# Adjustment of Carb



## Armand (May 16, 2006)

I see a red screw and white screw on my weed wacker, they look connected is the red the high speed adustment? Also how do I get to the exaust screen and if it is plugged how would it effect the motor

Thanks


----------



## hankster (Jan 1, 1998)

Those are limiter caps. You have to remove them to get to the adjusting screws. The screw closest to the engine is the low speed screw.

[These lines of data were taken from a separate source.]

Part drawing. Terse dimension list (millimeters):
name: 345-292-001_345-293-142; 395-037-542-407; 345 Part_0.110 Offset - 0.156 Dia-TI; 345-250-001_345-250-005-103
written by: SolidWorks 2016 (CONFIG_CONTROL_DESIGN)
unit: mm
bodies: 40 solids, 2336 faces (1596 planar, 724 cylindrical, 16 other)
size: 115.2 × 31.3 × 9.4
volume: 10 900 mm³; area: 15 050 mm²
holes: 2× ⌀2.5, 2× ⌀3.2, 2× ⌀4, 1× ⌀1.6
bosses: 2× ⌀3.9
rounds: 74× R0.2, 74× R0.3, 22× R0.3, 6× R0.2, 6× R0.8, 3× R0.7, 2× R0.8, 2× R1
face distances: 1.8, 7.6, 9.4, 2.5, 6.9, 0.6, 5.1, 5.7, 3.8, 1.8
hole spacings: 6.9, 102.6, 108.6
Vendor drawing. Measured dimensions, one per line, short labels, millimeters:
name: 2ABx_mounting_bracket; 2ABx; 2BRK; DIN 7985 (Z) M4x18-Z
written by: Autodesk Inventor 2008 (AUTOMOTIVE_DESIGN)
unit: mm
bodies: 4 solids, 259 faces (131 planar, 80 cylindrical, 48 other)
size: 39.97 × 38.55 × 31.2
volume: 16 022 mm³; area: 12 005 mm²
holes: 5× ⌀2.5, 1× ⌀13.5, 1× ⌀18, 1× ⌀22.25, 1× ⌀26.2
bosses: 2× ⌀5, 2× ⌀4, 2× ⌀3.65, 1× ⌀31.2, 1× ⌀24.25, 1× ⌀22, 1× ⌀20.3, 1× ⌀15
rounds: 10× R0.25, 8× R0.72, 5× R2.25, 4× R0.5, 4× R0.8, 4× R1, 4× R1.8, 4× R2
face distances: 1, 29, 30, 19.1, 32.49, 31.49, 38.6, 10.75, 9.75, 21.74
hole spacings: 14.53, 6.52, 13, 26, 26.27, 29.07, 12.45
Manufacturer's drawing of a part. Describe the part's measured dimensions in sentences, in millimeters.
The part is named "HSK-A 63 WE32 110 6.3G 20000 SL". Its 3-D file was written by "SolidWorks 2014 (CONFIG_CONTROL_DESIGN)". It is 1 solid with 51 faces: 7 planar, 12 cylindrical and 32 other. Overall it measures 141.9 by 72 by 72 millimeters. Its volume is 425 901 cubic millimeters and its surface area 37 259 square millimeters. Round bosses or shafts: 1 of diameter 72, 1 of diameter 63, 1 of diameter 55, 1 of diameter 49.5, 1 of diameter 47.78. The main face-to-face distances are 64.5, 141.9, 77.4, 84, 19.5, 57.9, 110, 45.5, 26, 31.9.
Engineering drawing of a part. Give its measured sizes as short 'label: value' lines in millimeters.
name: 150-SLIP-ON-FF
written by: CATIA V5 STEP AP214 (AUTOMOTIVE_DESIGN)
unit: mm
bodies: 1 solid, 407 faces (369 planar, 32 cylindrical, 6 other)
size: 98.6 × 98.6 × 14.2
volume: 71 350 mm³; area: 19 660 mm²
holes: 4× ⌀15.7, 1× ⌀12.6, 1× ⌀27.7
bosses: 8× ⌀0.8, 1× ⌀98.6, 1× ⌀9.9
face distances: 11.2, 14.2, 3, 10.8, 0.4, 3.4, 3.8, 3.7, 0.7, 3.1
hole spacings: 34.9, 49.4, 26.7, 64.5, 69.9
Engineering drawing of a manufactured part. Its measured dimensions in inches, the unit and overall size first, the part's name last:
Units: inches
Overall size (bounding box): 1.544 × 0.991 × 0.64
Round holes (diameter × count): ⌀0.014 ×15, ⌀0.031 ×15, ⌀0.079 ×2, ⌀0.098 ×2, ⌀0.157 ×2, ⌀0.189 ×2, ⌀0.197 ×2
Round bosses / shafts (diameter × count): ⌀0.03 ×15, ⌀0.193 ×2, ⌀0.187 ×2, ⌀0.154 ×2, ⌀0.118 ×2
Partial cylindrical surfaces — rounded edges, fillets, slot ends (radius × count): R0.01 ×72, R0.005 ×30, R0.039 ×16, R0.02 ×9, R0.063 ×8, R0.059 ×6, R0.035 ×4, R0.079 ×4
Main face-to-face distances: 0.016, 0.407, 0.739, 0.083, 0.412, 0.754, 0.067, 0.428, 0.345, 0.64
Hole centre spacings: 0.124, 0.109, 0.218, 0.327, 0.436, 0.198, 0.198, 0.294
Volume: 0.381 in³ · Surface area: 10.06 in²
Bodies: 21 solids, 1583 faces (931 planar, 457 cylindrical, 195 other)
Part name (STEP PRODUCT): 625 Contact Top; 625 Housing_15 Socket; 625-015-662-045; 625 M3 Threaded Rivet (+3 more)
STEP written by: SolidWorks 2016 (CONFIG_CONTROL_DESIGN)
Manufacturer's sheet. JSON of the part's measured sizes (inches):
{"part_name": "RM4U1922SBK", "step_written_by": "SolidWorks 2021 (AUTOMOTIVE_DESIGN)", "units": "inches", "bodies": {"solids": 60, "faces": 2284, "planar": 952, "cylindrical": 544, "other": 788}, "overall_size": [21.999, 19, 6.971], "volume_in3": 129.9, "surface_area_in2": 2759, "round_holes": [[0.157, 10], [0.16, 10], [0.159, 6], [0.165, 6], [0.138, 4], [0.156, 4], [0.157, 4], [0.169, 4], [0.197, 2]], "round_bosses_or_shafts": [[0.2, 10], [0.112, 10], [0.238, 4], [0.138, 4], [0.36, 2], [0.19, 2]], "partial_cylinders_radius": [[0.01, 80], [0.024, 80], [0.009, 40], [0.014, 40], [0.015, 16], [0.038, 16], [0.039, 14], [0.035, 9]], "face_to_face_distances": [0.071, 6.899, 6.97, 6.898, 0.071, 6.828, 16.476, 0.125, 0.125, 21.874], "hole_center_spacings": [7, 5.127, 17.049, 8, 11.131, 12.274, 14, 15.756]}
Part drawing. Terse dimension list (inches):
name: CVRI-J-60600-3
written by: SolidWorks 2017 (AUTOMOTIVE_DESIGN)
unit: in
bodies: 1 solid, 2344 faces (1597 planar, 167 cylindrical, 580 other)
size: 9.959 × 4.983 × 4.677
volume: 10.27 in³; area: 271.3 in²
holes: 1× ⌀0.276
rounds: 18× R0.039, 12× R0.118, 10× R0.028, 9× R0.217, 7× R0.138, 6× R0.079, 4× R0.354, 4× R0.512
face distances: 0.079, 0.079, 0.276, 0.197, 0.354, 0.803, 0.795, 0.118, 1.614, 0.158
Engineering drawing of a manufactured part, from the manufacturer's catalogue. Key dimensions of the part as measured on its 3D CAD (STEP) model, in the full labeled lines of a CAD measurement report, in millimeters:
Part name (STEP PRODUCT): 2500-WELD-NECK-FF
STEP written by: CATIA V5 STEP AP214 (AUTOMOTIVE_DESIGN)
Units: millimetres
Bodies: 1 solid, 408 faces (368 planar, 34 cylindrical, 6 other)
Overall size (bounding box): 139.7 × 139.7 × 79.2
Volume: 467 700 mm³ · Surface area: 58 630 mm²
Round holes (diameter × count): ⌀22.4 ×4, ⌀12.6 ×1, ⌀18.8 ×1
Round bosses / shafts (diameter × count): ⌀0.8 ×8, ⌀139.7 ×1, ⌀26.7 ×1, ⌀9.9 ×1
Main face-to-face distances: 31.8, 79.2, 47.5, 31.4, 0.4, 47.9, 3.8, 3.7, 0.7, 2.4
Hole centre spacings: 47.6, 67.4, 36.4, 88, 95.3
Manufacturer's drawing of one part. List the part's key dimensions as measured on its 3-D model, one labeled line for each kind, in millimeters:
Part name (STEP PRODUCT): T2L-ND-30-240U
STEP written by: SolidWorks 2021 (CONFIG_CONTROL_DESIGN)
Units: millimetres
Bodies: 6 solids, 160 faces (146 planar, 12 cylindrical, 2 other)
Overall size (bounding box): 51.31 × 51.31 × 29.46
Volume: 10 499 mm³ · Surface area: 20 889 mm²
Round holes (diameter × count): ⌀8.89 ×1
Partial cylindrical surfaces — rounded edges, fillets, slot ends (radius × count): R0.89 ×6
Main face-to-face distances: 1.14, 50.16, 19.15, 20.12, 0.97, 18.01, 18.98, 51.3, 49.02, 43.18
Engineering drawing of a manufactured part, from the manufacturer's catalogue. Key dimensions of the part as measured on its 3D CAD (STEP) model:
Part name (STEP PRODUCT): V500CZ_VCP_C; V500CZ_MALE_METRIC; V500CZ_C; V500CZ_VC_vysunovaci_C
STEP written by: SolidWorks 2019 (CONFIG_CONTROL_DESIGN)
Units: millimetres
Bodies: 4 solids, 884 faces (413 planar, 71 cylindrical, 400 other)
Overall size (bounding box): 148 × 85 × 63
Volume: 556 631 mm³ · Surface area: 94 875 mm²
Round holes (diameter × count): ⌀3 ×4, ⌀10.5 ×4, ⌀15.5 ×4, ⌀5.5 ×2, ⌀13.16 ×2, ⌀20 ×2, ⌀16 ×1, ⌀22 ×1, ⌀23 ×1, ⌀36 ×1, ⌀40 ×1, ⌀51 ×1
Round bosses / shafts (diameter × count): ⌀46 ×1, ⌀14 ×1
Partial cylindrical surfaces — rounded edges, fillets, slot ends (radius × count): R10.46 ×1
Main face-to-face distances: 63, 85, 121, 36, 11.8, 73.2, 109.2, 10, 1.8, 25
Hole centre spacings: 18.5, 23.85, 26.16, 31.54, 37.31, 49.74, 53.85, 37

Depends on the brand of wacker. Some are mounted to the outlet of the muffler and others are mounted to the inlet of the muffler. If plugged the engine will not rev very high and has a muted exhaust tone.


----------



## Armand (May 16, 2006)

*Carb Adjustment*

Thanks Hankster!

After I take the caps of do I turn them clockwise or counter clockwise?


----------



## Armand (May 16, 2006)

*Carb Adjustment*

As a follow up how do I know if these adjustment screws need to be adjusted
will is stall out on high speed idle rough!! what would the signs that that need to be adjusted?


----------



## bugman (Aug 12, 2004)

If the settings are still from factory, I'd say its either the spark arrestor's clogged, or some trash in the carb or fuel filter clogged... Not the settings.


----------



## hankster (Jan 1, 1998)

Proper carb adjustment just takes some experence to get right. It is hard to explain in a short message. If the high end is too lean the motor will sound like it's starving for gas... too rich and it will run rough and smoke. I adjust the high end so it starts to run rough and then lean it out (1/8 turn and then wait 15 seconds or so) until it just starts to run smoothly. Run it too lean and you'll trash the engine.


----------